[Task to carry out] When a line below contains the word "class", copy that line.
^^^^^^^^^^^^^^^^
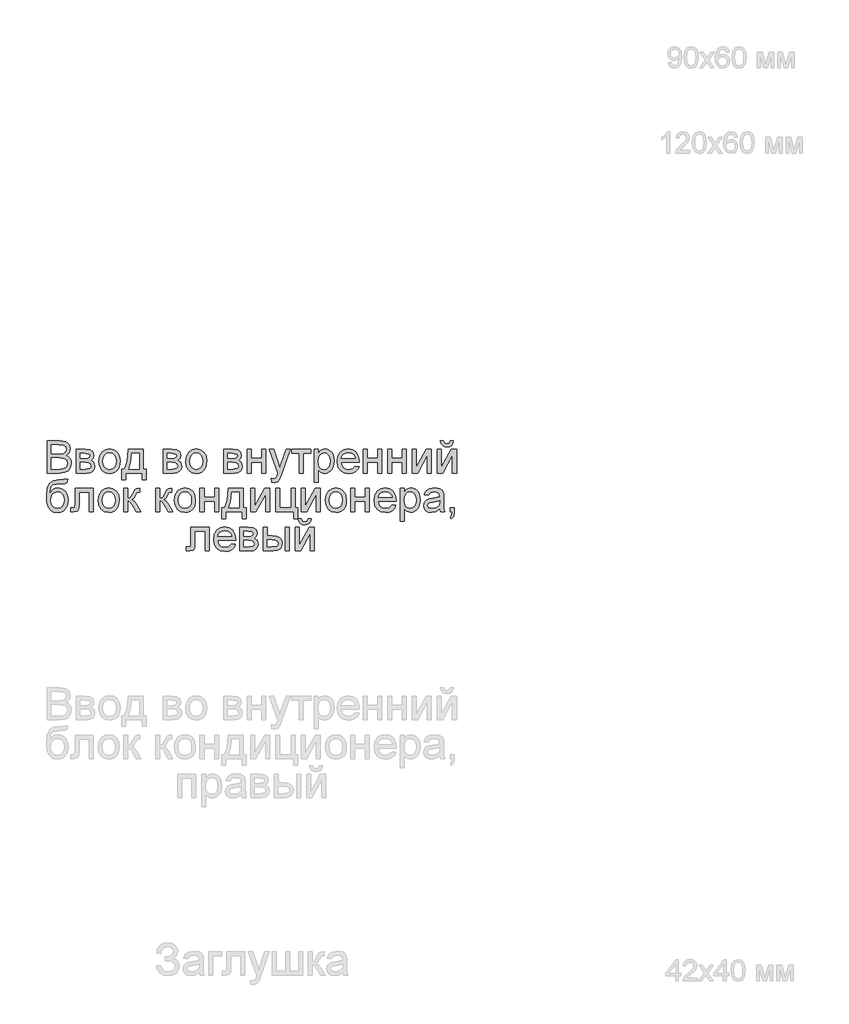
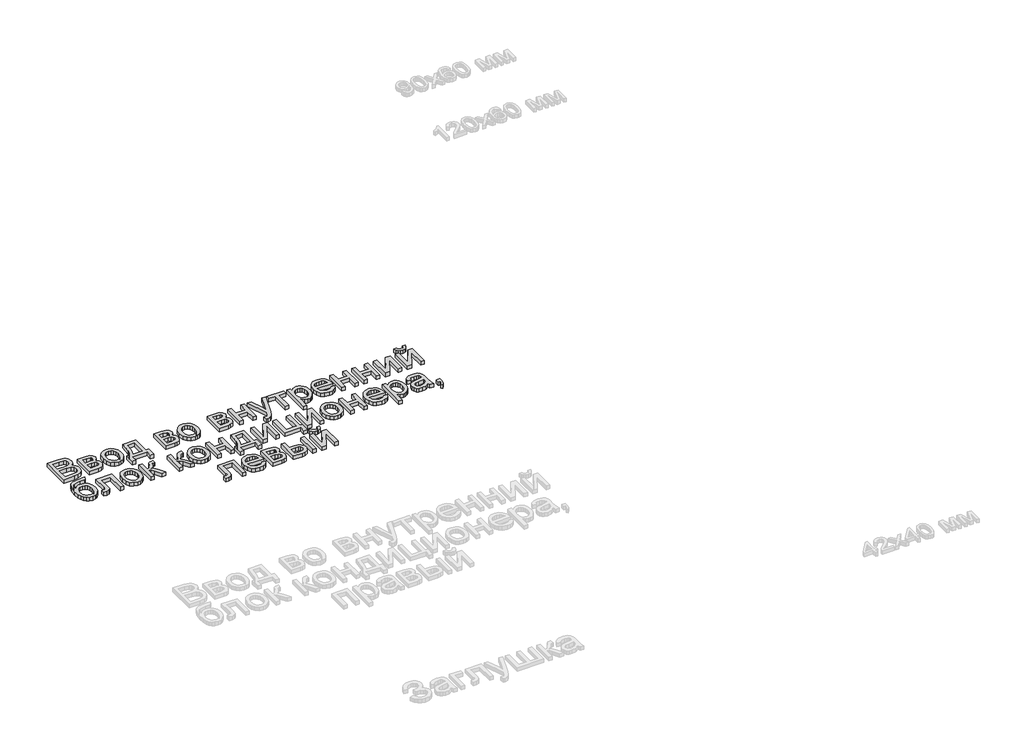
# One storey, part 18 of 21: 1 proxy.
"""IFC4 building model written with IfcOpenShell, lengths in millimetres."""

import ifcopenshell
import ifcopenshell.guid

model = None  # the IFC model being written
_history = None  # IfcOwnerHistory: only IFC2X3 demands one
_inside = {}  # id of a spatial element -> (the spatial element, [elements in it])
_under = {}  # id of a project, library or spatial element -> (it, [spatial elements below it])
_declared = {}  # id of a project -> (the project, [libraries it declares])
_typed = {}  # id of a type object -> (the type object, [elements of that type])
_made_of = {}  # id of a material, layer set ... -> (it, [elements and type objects made of it])


def new_model(schema):
    """Start an empty IFC model of exactly this schema.

    Asked for "IFC4X3", IfcOpenShell would pick the latest addendum, in which some entities
    have other attributes; the version numbers below select the first issue.
    IFC2X3 requires an IfcOwnerHistory on every rooted entity: one is made here for all.
    """
    global model, _history
    if schema == "IFC4X3":
        model = ifcopenshell.file(schema_version=(4, 3, 0, 0))
    else:
        model = ifcopenshell.file(schema=schema)
    _inside.clear()
    _under.clear()
    _declared.clear()
    _typed.clear()
    _made_of.clear()
    _history = None
    if model.schema == "IFC2X3":
        org = make("IfcOrganization", Name="unknown")
        user = make(
            "IfcPersonAndOrganization",
            ThePerson=make("IfcPerson", FamilyName="unknown"),
            TheOrganization=org,
        )
        app = make(
            "IfcApplication",
            ApplicationDeveloper=org,
            Version="unknown",
            ApplicationFullName="unknown",
            ApplicationIdentifier="unknown",
        )
        _history = make(
            "IfcOwnerHistory",
            OwningUser=user,
            OwningApplication=app,
            ChangeAction="ADDED",
            CreationDate=0,
        )
    return model


def make(cls, **values):
    """One entity of the class cls with the attributes given. An attribute that is None is left unset."""
    return model.create_entity(
        cls, **{name: value for name, value in values.items() if value is not None}
    )


def rooted(cls, **values):
    """An entity with a GlobalId (a new one), such as an element, a storey or a relation."""
    return make(cls, GlobalId=ifcopenshell.guid.new(), OwnerHistory=_history, **values)


def si_unit(unit_type, name, prefix=None):
    """IfcSIUnit, for example si_unit("LENGTHUNIT", "METRE", prefix="MILLI")."""
    return make("IfcSIUnit", UnitType=unit_type, Prefix=prefix, Name=name)


def assignment(units):
    """IfcUnitAssignment: the units of a project."""
    return None if units is None else make("IfcUnitAssignment", Units=units)


def point(xyz):
    """IfcCartesianPoint."""
    return None if xyz is None else make("IfcCartesianPoint", Coordinates=xyz)


def direction(xyz):
    """IfcDirection."""
    return None if xyz is None else make("IfcDirection", DirectionRatios=xyz)


def frame(location, z_axis=None, x_axis=None):
    """IfcAxis2Placement3D, a coordinate frame: its origin and axes. An axis left out is left unset."""
    return make(
        "IfcAxis2Placement3D",
        Location=point(location),
        Axis=direction(z_axis),
        RefDirection=direction(x_axis),
    )


def origin():
    """The frame at (0, 0, 0) with its axes left unset."""
    return frame((0.0, 0.0, 0.0))


def origin_with_axes():
    """The frame at (0, 0, 0) with the z axis (0, 0, 1) and the x axis (1, 0, 0) written out."""
    return frame((0.0, 0.0, 0.0), z_axis=(0.0, 0.0, 1.0), x_axis=(1.0, 0.0, 0.0))


def place(relative_to, where):
    """IfcLocalPlacement: puts the frame where relative to a parent placement (None: the world)."""
    return make(
        "IfcLocalPlacement", PlacementRelTo=relative_to, RelativePlacement=where
    )


def context(
    kind, dimensions, precision=None, world=None, true_north=None, identifier=None
):
    """IfcGeometricRepresentationContext, for example the 3D "Model" context."""
    return make(
        "IfcGeometricRepresentationContext",
        ContextIdentifier=identifier,
        ContextType=kind,
        CoordinateSpaceDimension=dimensions,
        Precision=precision,
        WorldCoordinateSystem=world,
        TrueNorth=true_north,
    )


def project(units=None, contexts=None):
    """IfcProject with its units and contexts."""
    return rooted(
        "IfcProject",
        Name="project",
        RepresentationContexts=contexts,
        UnitsInContext=assignment(units),
    )


def spatial(cls, under=None, at=None, **own):
    """A site, building, storey or space (cls), placed at a placement, below another one or the project."""
    s = rooted(cls, ObjectPlacement=at, **own)
    if under is not None:
        _under.setdefault(under.id(), (under, []))[1].append(s)
    return s


def polyline(points):
    """IfcPolyline through the points."""
    return make("IfcPolyline", Points=[point(p) for p in points])


def outline(outer, holes=None, kind="AREA"):
    """IfcArbitraryClosedProfileDef: a profile drawn as a closed curve; with holes, ...WithVoids."""
    if holes is None:
        return make("IfcArbitraryClosedProfileDef", ProfileType=kind, OuterCurve=outer)
    return make(
        "IfcArbitraryProfileDefWithVoids",
        ProfileType=kind,
        OuterCurve=outer,
        InnerCurves=holes,
    )


def extrude(swept, where, along, depth):
    """IfcExtrudedAreaSolid: the profile swept, set in the frame where, extruded along a direction by depth."""
    return make(
        "IfcExtrudedAreaSolid",
        SweptArea=swept,
        Position=where,
        ExtrudedDirection=direction(along),
        Depth=depth,
    )


def shape(context_of_items, identifier, shape_type, items):
    """IfcShapeRepresentation: the items that make up one representation, for example the "Body"."""
    return make(
        "IfcShapeRepresentation",
        ContextOfItems=context_of_items,
        RepresentationIdentifier=identifier,
        RepresentationType=shape_type,
        Items=items,
    )


def made_of(thing, what):
    """Note that an element or type object is made of a material, layer set ...; save() writes the relation."""
    if what is not None:
        _made_of.setdefault(what.id(), (what, []))[1].append(thing)
    return thing


def element(
    cls,
    number,
    at=None,
    inside=None,
    cuts=None,
    type_object=None,
    material=None,
    context=None,
    identifier="Body",
    shape_type=None,
    held_by="IfcProductDefinitionShape",
    body=None,
    shapes=None,
    **own,
):
    """One element of the class cls, such as IfcWall. Its Tag is "e" and its number.

    at: its placement. inside: the storey or other place that contains it. cuts: it is an
    opening in that element (IfcRelVoidsElement). A single representation is given by context,
    identifier, shape_type and body (its items); several are given by shapes. held_by: the class
    of the entity that holds the representations. save() writes the other relations.
    """
    e = rooted(cls, Tag="e%d" % number, ObjectPlacement=at, **own)
    if body is not None:
        shapes = [shape(context, identifier, shape_type, body)]
    if shapes is not None:
        e.Representation = make(held_by, Representations=shapes)
    if inside is not None:
        _inside.setdefault(inside.id(), (inside, []))[1].append(e)
    if cuts is not None:
        rooted(
            "IfcRelVoidsElement", RelatingBuildingElement=cuts, RelatedOpeningElement=e
        )
    if type_object is not None:
        _typed.setdefault(type_object.id(), (type_object, []))[1].append(e)
    return made_of(e, material)


def aggregate(whole, parts):
    """IfcRelAggregates: a whole, such as a stair, and the parts it consists of."""
    return rooted("IfcRelAggregates", RelatingObject=whole, RelatedObjects=parts)


def save(model, path):
    """Write the relations noted so far, then the file.

    IfcRelAggregates (storeys below a building ...), IfcRelContainedInSpatialStructure (elements
    in a storey), IfcRelDefinesByType, IfcRelAssociatesMaterial and IfcRelDeclares: one each for
    every whole, place, type object, material and project.
    """
    for whole, parts in _under.values():
        aggregate(whole, parts)
    for where, things in _inside.values():
        rooted(
            "IfcRelContainedInSpatialStructure",
            RelatedElements=things,
            RelatingStructure=where,
        )
    for kind, things in _typed.values():
        rooted("IfcRelDefinesByType", RelatedObjects=things, RelatingType=kind)
    for what, things in _made_of.values():
        rooted("IfcRelAssociatesMaterial", RelatedObjects=things, RelatingMaterial=what)
    for by, libraries in _declared.values():
        rooted("IfcRelDeclares", RelatingContext=by, RelatedDefinitions=libraries)
    model.write(path)


model = new_model("IFC4")

# Units and contexts
model_context = context("Model", 3, world=origin())
ifc_project = project(units=[si_unit("LENGTHUNIT", "METRE", prefix="MILLI")], contexts=[model_context])

# Site, building, storey
site = spatial("IfcSite", under=ifc_project)
building = spatial("IfcBuilding", under=site)
storey = spatial("IfcBuildingStorey", under=building, Name="Этаж 01", Elevation=0.0)

# Proxy
placement = place(None, origin())
element("IfcBuildingElementProxy", 1, Name="150 мм Arial", ObjectType="150 мм Arial", at=placement, inside=storey, context=model_context, shape_type="SweptSolid", body=[
    extrude(outline(polyline([(28914.2604069, -7684.8743856), (28914.2604069, -7534.1899203), (28971.7603627, -7534.1899203), (28999.9217294, -7538.6228984), (29009.3854938, -7544.2468944), (29016.5499956, -7552.2529263), (29022.5648662, -7571.5299428), (29017.5064888, -7589.1330963), (29002.2209919, -7602.4688186), (29012.8941683, -7608.0422309), (29020.7806386, -7616.5219108), (29025.6504765, -7627.3468386), (29027.2737558, -7639.9559939), (29022.8407777, -7660.2078978), (29011.8595002, -7674.628872), (28995.4703573, -7682.2808175), (28971.3189043, -7684.8743856), (28914.2604069, -7684.8743856)]), holes=[polyline([(28933.095965, -7595.4054843), (28967.4929316, -7595.4054843), (28987.5792885, -7593.7868035), (28999.664212, -7586.8154397), (29003.7293081, -7574.5465752), (28999.9401235, -7562.2593166), (28989.0876047, -7554.9936472), (28964.8809694, -7553.0254785), (28933.095965, -7553.0254785), (28933.095965, -7595.4054843)]), polyline([(28933.095965, -7666.0388274), (28971.7235745, -7666.0388274), (28985.7030903, -7665.3030634), (28997.5304965, -7661.2011792), (29005.366383, -7652.8318638), (29008.4381976, -7640.1399349), (29004.8329541, -7625.4982315), (28993.1527007, -7616.7610341), (28969.8841645, -7614.2410425), (28933.095965, -7614.2410425), (28933.095965, -7666.0388274)])]), origin_with_axes(), (0.0, 0.0, 1.0), 20.0),
    extrude(outline(polyline([(29050.8182035, -7574.2154814), (29092.3152925, -7574.2154814), (29115.0687939, -7576.7354731), (29127.8710874, -7585.9693111), (29133.2237704, -7602.0641484), (29129.9864088, -7615.1423534), (29120.237536, -7624.4681619), (29132.8926766, -7634.6768873), (29137.9326599, -7652.4271936), (29134.7412836, -7666.7837884), (29127.1537175, -7676.8913463), (29115.1423703, -7682.8786257), (29098.679651, -7684.8743856), (29050.8182035, -7684.8743856), (29050.8182035, -7574.2154814)]), holes=[polyline([(29069.6537616, -7616.5954872), (29088.2685906, -7616.5954872), (29103.6276639, -7615.6389941), (29111.0956684, -7611.8130213), (29114.3882122, -7604.8968398), (29112.9442754, -7599.2774423), (29108.6124649, -7595.6630017), (29088.8572018, -7593.0510396), (29069.6537616, -7593.0510396), (29069.6537616, -7616.5954872)]), polyline([(29069.6537616, -7666.0388274), (29092.7567509, -7666.0388274), (29113.247778, -7662.6359189), (29117.487618, -7657.9960073), (29119.0971018, -7650.8820892), (29115.8781343, -7641.813798), (29107.4904248, -7636.5346914), (29090.9173409, -7635.4310454), (29069.6537616, -7635.4310454), (29069.6537616, -7666.0388274)])]), origin_with_axes(), (0.0, 0.0, 1.0), 20.0),
    extrude(outline(polyline([(29156.7682181, -7629.5449335), (29160.8425112, -7602.8642918), (29173.0653905, -7584.1115071), (29188.1669464, -7574.9236542), (29206.2483464, -7571.8610366), (29226.0357992, -7575.5904404), (29241.8409295, -7586.7786515), (29252.2014062, -7604.5427534), (29255.6548984, -7627.9998291), (29254.1281881, -7647.0285253), (29249.5480573, -7661.5138789), (29242.0478631, -7672.3617992), (29231.7609628, -7680.4781957), (29219.542682, -7685.5411717), (29206.2483464, -7687.2288303), (29186.2217703, -7683.5132222), (29170.4350342, -7672.3663977), (29160.1849221, -7654.2298154), (29156.7682181, -7629.5449335)]), holes=[polyline([(29175.6037762, -7629.5081453), (29177.7834771, -7646.5548772), (29184.3225795, -7658.6995816), (29194.1634229, -7665.9698495), (29206.2483464, -7668.3932722), (29218.2780877, -7665.9560539), (29228.1005369, -7658.6443993), (29234.6396394, -7646.3387466), (29236.8193402, -7628.9195341), (29234.6258438, -7612.3694428), (29228.0453546, -7600.3902854), (29218.2091098, -7593.1200174), (29206.2483464, -7590.6965948), (29194.1634229, -7593.1108204), (29184.3225795, -7600.3534972), (29177.7834771, -7612.4706104), (29175.6037762, -7629.5081453)])]), origin_with_axes(), (0.0, 0.0, 1.0), 20.0),
    extrude(outline(polyline([(29293.3260147, -7574.2154814), (29363.9593578, -7574.2154814), (29363.9593578, -7666.0388274), (29378.0860264, -7666.0388274), (29378.0860264, -7715.4821675), (29359.2504682, -7715.4821675), (29359.2504682, -7684.8743856), (29281.5537908, -7684.8743856), (29281.5537908, -7715.4821675), (29262.7182327, -7715.4821675), (29262.7182327, -7666.0388274), (29274.4904565, -7666.0388274), (29283.0483114, -7650.573988), (29289.0401894, -7630.1151506), (29293.3260147, -7574.2154814)]), holes=[polyline([(29309.8071281, -7593.0510396), (29305.3925441, -7635.9644743), (29295.6804595, -7666.0388274), (29345.1237996, -7666.0388274), (29345.1237996, -7593.0510396), (29309.8071281, -7593.0510396)])]), origin_with_axes(), (0.0, 0.0, 1.0), 20.0),
    extrude(outline(polyline([(29458.1371485, -7574.2154814), (29499.6342376, -7574.2154814), (29522.387739, -7576.7354731), (29535.1900324, -7585.9693111), (29540.5427154, -7602.0641484), (29537.3053539, -7615.1423534), (29527.556481, -7624.4681619), (29540.2116217, -7634.6768873), (29545.251605, -7652.4271936), (29542.0602287, -7666.7837884), (29534.4726625, -7676.8913463), (29522.4613154, -7682.8786257), (29505.9985961, -7684.8743856), (29458.1371485, -7684.8743856), (29458.1371485, -7574.2154814)]), holes=[polyline([(29476.9727067, -7616.5954872), (29495.5875356, -7616.5954872), (29510.9466089, -7615.6389941), (29518.4146134, -7611.8130213), (29521.7071573, -7604.8968398), (29520.2632205, -7599.2774423), (29515.93141, -7595.6630017), (29496.1761468, -7593.0510396), (29476.9727067, -7593.0510396), (29476.9727067, -7616.5954872)]), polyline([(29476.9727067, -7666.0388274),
^^^^^^^^^^^^^^^^
[Result of the task]
    """One entity of the class cls with the attributes given. An attribute that is None is left unset."""
    """One element of the class cls, such as IfcWall. Its Tag is "e" and its number.
    identifier, shape_type and body (its items); several are given by shapes. held_by: the class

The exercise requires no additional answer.